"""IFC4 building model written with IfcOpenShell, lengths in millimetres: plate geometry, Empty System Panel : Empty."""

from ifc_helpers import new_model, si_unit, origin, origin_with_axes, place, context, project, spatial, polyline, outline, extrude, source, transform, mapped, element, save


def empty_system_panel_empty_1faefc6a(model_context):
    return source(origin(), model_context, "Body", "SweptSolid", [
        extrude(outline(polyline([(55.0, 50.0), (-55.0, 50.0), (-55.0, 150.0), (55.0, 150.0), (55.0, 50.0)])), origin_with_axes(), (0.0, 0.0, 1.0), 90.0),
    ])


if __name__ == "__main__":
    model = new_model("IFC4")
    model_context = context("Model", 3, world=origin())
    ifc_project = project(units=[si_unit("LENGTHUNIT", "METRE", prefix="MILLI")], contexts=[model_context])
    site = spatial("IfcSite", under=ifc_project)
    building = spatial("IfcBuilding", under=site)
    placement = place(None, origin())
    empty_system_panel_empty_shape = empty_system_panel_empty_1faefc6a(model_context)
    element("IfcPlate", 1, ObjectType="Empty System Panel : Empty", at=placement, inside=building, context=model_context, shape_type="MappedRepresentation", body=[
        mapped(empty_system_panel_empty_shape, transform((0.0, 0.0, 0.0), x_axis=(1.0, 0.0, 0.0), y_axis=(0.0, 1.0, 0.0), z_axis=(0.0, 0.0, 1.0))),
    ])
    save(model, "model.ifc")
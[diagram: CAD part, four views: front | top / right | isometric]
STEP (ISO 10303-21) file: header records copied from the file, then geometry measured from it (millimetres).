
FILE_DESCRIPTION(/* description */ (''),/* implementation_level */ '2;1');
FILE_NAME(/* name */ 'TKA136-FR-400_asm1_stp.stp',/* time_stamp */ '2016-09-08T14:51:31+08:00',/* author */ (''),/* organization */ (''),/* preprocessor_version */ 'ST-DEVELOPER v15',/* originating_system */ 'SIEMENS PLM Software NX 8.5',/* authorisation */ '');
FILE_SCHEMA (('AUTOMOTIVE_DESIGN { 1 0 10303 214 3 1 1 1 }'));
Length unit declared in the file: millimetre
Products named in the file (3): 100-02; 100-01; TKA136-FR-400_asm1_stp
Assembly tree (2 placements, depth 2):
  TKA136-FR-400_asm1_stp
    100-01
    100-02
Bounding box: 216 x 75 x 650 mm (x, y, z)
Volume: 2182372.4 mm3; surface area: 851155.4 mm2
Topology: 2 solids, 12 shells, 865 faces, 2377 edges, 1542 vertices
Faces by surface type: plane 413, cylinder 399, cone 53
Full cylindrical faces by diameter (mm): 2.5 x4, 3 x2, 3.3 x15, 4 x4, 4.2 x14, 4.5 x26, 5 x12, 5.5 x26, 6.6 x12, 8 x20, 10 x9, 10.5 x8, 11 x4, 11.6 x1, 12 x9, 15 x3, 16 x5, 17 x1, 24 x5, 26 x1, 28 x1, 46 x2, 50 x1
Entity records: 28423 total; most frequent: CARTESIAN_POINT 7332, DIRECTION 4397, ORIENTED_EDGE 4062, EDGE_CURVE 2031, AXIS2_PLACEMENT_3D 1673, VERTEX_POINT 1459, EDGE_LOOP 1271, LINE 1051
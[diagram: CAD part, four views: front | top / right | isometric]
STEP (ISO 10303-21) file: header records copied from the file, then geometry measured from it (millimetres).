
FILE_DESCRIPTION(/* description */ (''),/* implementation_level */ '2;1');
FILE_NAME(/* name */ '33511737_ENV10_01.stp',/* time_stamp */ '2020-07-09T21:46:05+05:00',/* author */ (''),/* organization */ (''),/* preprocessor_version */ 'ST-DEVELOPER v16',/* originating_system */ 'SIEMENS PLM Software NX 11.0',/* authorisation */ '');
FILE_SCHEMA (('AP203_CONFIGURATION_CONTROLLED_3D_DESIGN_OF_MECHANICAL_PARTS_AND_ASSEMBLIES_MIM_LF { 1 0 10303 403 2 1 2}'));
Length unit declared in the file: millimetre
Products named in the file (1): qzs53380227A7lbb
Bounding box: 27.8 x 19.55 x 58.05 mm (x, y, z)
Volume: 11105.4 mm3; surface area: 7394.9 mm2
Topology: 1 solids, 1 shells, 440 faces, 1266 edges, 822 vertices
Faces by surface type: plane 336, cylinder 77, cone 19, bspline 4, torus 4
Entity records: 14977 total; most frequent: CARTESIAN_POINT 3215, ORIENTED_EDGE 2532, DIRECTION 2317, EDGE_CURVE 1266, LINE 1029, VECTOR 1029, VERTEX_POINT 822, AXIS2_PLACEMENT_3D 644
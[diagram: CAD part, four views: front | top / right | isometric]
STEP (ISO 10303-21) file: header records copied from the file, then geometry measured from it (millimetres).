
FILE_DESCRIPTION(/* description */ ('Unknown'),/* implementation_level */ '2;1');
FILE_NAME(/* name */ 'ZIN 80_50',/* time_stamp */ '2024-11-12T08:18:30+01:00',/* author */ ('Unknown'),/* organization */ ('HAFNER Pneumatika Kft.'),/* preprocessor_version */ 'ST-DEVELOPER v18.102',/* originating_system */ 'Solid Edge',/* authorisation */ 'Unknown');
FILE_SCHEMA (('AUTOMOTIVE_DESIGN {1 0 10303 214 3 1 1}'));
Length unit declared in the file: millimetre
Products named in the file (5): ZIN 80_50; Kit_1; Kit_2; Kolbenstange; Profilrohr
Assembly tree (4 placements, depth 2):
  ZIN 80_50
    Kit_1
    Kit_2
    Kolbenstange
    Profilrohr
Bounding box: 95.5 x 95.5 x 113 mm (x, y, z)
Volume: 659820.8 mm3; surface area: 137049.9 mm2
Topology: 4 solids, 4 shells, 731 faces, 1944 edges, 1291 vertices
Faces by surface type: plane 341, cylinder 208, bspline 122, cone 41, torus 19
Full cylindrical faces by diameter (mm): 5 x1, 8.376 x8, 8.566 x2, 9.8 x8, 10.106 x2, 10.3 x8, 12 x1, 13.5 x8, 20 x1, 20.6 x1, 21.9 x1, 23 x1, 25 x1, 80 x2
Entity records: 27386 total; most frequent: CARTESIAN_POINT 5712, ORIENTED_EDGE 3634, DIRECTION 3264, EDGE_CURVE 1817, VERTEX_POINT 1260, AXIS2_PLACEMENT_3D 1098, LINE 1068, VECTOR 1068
******************************
- [Problem to solve]:
When a line in the listing includes the word "Assembly", report that line in full.

- [Reply]:
Assembly tree (2 placements, depth 2):
Assembly tree (4 placements, depth 2):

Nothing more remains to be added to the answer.